La tecnologia potrebbe non proteggere dai problemi del mondo reale

Il fenomeno del riciclaggio nei mercati dell’arte è stato ampiamente documentato, con stime che tendono ad indicare una dimensione quantitativa sostanziale. Mancano studi sul recente mercato degli NFT. L’anonimato che si cela dietro il sistema delle cryptovalute e degli NFT può sicuramente costituire un incentivo a porre in essere schemi di riciclaggio. Ma questo dovrebbe solamente spingere a trovare delle soluzioni per riportare il sistema degli NFT su un piano di piena legalità e di trasparenza, consistentemente con ciò che già avviene nei mercati del mondo reale. In seguito alle pressioni dagli Stati Uniti, la piattaforma di scambi di criptovalute Binance ha adottato più stringenti misure di identificazione dei propri clienti: il procedimento di due diligence noto come “Know Your Customer” (KYC).

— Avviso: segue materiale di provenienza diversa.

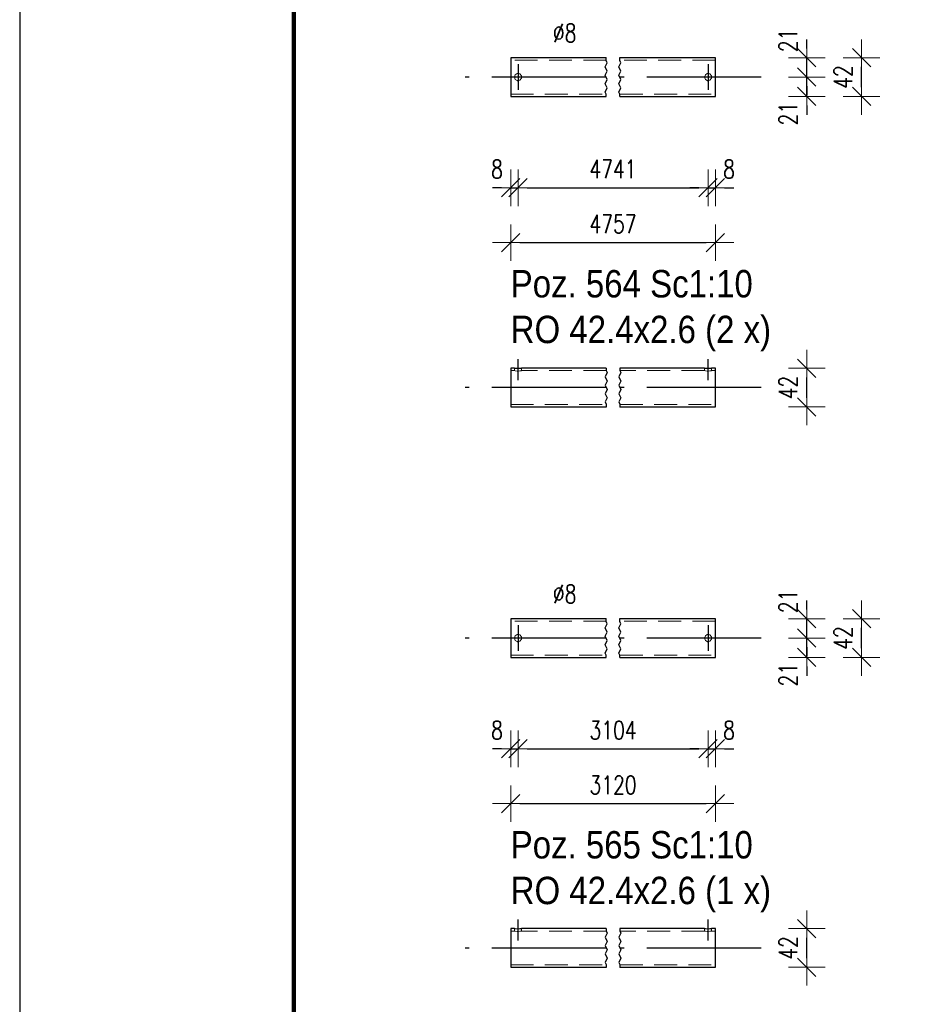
# Model space of a CAD drawing. Header units: millimetres. Extents: x -848 to 5, y 10127 to 10797.
# Tile 5 of 39: x -842 to -744, y 10417 to 10525. Entities that reach past the tile are written whole.
import ezdxf

# ---------------------------------------------------------------- set-up
doc = ezdxf.new("R2010")
doc.units = ezdxf.units.MM
doc.header["$LTSCALE"] = 10
doc.linetypes.add('HIDDEN', pattern=[0.375, 0.25, -0.125])
doc.linetypes.add('MITTE', pattern=[2, 1.25, -0.25, 0.25, -0.25])
doc.layers.get('Defpoints').update_dxf_attribs({"color": 1})
doc.layers.add('_FORMATKA', color=8, linetype='Continuous', plot=False)
for name, color, linetype, lineweight in [('_RAMKA', 7, 'Continuous', 35), ('PS_DIM', 4, 'Continuous', 13), ('PS_Hidden', 2, 'HIDDEN', 9), ('PS_Shape', 161, 'Continuous', 30), ('PS_SOLID', 7, 'Continuous', 30), ('PS_TEXT', 3, 'Continuous', 18)]:
    doc.layers.add(name, color=color, linetype=linetype, lineweight=lineweight)
doc.layers.add('PS_Mid', color=5, linetype='MITTE')
doc.styles.add('gil', font='txt', dxfattribs={"width": 0.9})
doc.styles.add('simplex', font='simplex.shx', dxfattribs={"width": 0.75})
doc.dimstyles.new('1_10_PRZ_DS1-LS10', dxfattribs={"dimtxt": 2, "dimasz": 1, "dimexe": 2, "dimexo": 5, "dimgap": 1, "dimtad": 1, "dimdec": 0, "dimlfac": 10, "dimtxsty": 'simplex', "dimblk": 'dimznak', "dimcen": 2, "dimse1": 1, "dimse2": 1, "dimclrt": 3, "dimadec": 1, "dimazin": 0, "dimtfac": 1, "dimtdec": 0, "dimtix": 1, "dimtmove": 2, "dimatfit": 3, "dimldrblk": 'dim-grot', "dimfxl": 1, "dimarcsym": 0})

# ---------------------------------------------------------------- blocks, each defined once
blk = doc.blocks.new('dimznak')
at = {"color": 0}
for points in [[(0, 2), (0, -2)], [(-2, 0), (2, 0)]]:
    blk.add_lwpolyline(points, dxfattribs=at)
at = {"color": 2}
blk.add_lwpolyline([(1, 1), (-1, -1)], dxfattribs=at)
blk = doc.blocks.new('*D40')
at = {"layer": 'Defpoints', "color": 0, "transparency": 16777216}
for p in [(-787.9, 10518.43), (-788.7, 10516.31), (-787.9, 10506.31)]:
    blk.add_point(p, dxfattribs=at)
at = {"layer": 'PS_DIM', "color": 0, "lineweight": -2, "transparency": 16777216}
for p, q in [((-789.7, 10506.31), (-790.7, 10506.31)), ((-788.7, 10506.31), (-787.9, 10506.31)), ((-786.9, 10506.31), (-785.9, 10506.31))]:
    blk.add_line(p, q, dxfattribs=at)
blk.add_blockref('dimznak', (-788.7, 10506.31), dxfattribs=at)
at = {"layer": 'PS_DIM', "color": 0, "lineweight": -2, "transparency": 16777216, "rotation": 180}
blk.add_blockref('dimznak', (-787.9, 10506.31), dxfattribs=at)
at = {"layer": 'PS_DIM', "color": 3, "transparency": 16777216, "insert": (-790.2, 10508.35), "char_height": 2, "attachment_point": 5, "style": 'simplex'}
blk.add_mtext('8', dxfattribs=at)
blk = doc.blocks.new('dim-grot')
blk.add_hatch(color=256).paths.add_polyline_path([(0, 0), (-2, 0.5), (-2, -0.5)])
blk.add_lwpolyline([(0, 0), (-2, 0.5), (-2, -0.5), (0, 0)])
blk = doc.blocks.new('*D42')
at = {"layer": 'Defpoints', "color": 0, "transparency": 16777216}
for p in [(-767.1, 10518.43), (-766.3, 10516.31), (-766.3, 10506.31)]:
    blk.add_point(p, dxfattribs=at)
at = {"layer": 'PS_DIM', "color": 0, "lineweight": -2, "transparency": 16777216}
for p, q in [((-768.1, 10506.31), (-769.1, 10506.31)), ((-767.1, 10506.31), (-766.3, 10506.31)), ((-765.3, 10506.31), (-764.3, 10506.31))]:
    blk.add_line(p, q, dxfattribs=at)
blk.add_blockref('dimznak', (-767.1, 10506.31), dxfattribs=at)
at = {"layer": 'PS_DIM', "color": 0, "lineweight": -2, "transparency": 16777216, "rotation": 180}
blk.add_blockref('dimznak', (-766.3, 10506.31), dxfattribs=at)
at = {"layer": 'PS_DIM', "color": 3, "transparency": 16777216, "insert": (-764.8, 10508.35), "char_height": 2, "attachment_point": 5, "style": 'simplex'}
blk.add_mtext('8', dxfattribs=at)
blk = doc.blocks.new('*D44')
at = {"layer": 'Defpoints', "color": 0, "transparency": 16777216}
for p in [(-767.1, 10518.43), (-756.3, 10518.43), (-766.3, 10516.31)]:
    blk.add_point(p, dxfattribs=at)
at = {"layer": 'PS_DIM', "color": 0, "lineweight": -2, "transparency": 16777216}
for p, q in [((-756.3, 10519.43), (-756.3, 10520.43)), ((-756.3, 10516.31), (-756.3, 10518.43)), ((-756.3, 10515.31), (-756.3, 10514.31))]:
    blk.add_line(p, q, dxfattribs=at)
for p, rotation in [((-756.3, 10518.43), 270), ((-756.3, 10516.31), 90)]:
    blk.add_blockref('dimznak', p, dxfattribs=dict(at, rotation=rotation))
at = {"layer": 'PS_DIM', "color": 3, "transparency": 16777216, "insert": (-758.34, 10514.42), "char_height": 2, "attachment_point": 5, "rotation": 90, "style": 'simplex'}
blk.add_mtext('21', dxfattribs=at)
blk = doc.blocks.new('*D45')
at = {"layer": 'Defpoints', "color": 0, "transparency": 16777216}
for p in [(-766.3, 10520.54), (-756.3, 10520.54), (-767.1, 10518.43)]:
    blk.add_point(p, dxfattribs=at)
at = {"layer": 'PS_DIM', "color": 0, "lineweight": -2, "transparency": 16777216}
for p, q in [((-756.3, 10521.54), (-756.3, 10522.54)), ((-756.3, 10518.43), (-756.3, 10520.54)), ((-756.3, 10517.43), (-756.3, 10516.43))]:
    blk.add_line(p, q, dxfattribs=at)
for p, rotation in [((-756.3, 10520.54), 270), ((-756.3, 10518.43), 90)]:
    blk.add_blockref('dimznak', p, dxfattribs=dict(at, rotation=rotation))
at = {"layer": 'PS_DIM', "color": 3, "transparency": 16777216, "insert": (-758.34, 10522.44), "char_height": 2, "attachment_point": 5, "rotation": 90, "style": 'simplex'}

Sulla piattaforma Opensea (il principale marketplace degli NFT), diversi progetti di NFT si sono assoggettati volontariamente a procedure di KYC da parte di società specializzate o hanno cercato altre soluzioni di natura sperimentale per provare la loro identità. Ovviamente è auspicabile che il gestore del marketplace stesso si faccia portatore della realizzazione di un processo serio di KYC. Il problema è noto e l’offerta specializzata di mercato consta già di operatori pienamente qualificati che offrono soluzioni software per l’esternalizzazione dei procedimenti KYC.

I punti deboli nei quali si convogliano flussi di riciclaggio riguardano l’entrata e l’uscita di valuta corrente nei portafogli virtuali. Ma, per acquistare criptovaluta, occorre sempre passare prima di tutto per il canale bancario tradizionale: la stessa considerazione rimane valida per la conversione di criptovaluta in valuta corrente. Lo snodo che permette l’uso dei fondi riciclati può essere non così “high tech” come il ruolo degli NFT: l’utilizzo dei fondi che si spostano sotto forma di criptovaluta nella blockchain si deve tramutare in acquisto di beni o servizi, prima o poi!

“L’introduzione di un quadro normativo appropriato e la concomitante difesa dell’economia reale dai flussi di riciclaggio che possono passare per il mondo cripto dovrebbe consentire di liberare le energie di innovazione tecnologica che possono costituire (e all’estero in parte già lo fanno) il motore per lo sviluppo di un’industria creativa e della digitalizzazione basata sul Web 3.0 di cui l’Italia ha sicuramente bisogno e su cui non può rimanere indietro”.

Semmai, si potrebbe e si dovrebbe incentivare la creazione di marketplaces europei che permettano di generare e scambiare NFT, per controbilanciarne l’attuale concentrazione in America del Nord (fenomeno analogo a quello che ha caratterizzato lo sviluppo delle ‘big tech’). Al contrario, una risposta violentemente ideologica di rigetto degli NFT – basata su preconcetti e scarsa comprensione di un fenomeno nuovo e complesso – rischia solamente di aggiungere un’ulteriore ed inutile zavorra alla già malconcia economia italiana che, nella classifica sulla competitività internazionale delle maggiori economie del mondo, è in caduta libera da molti anni.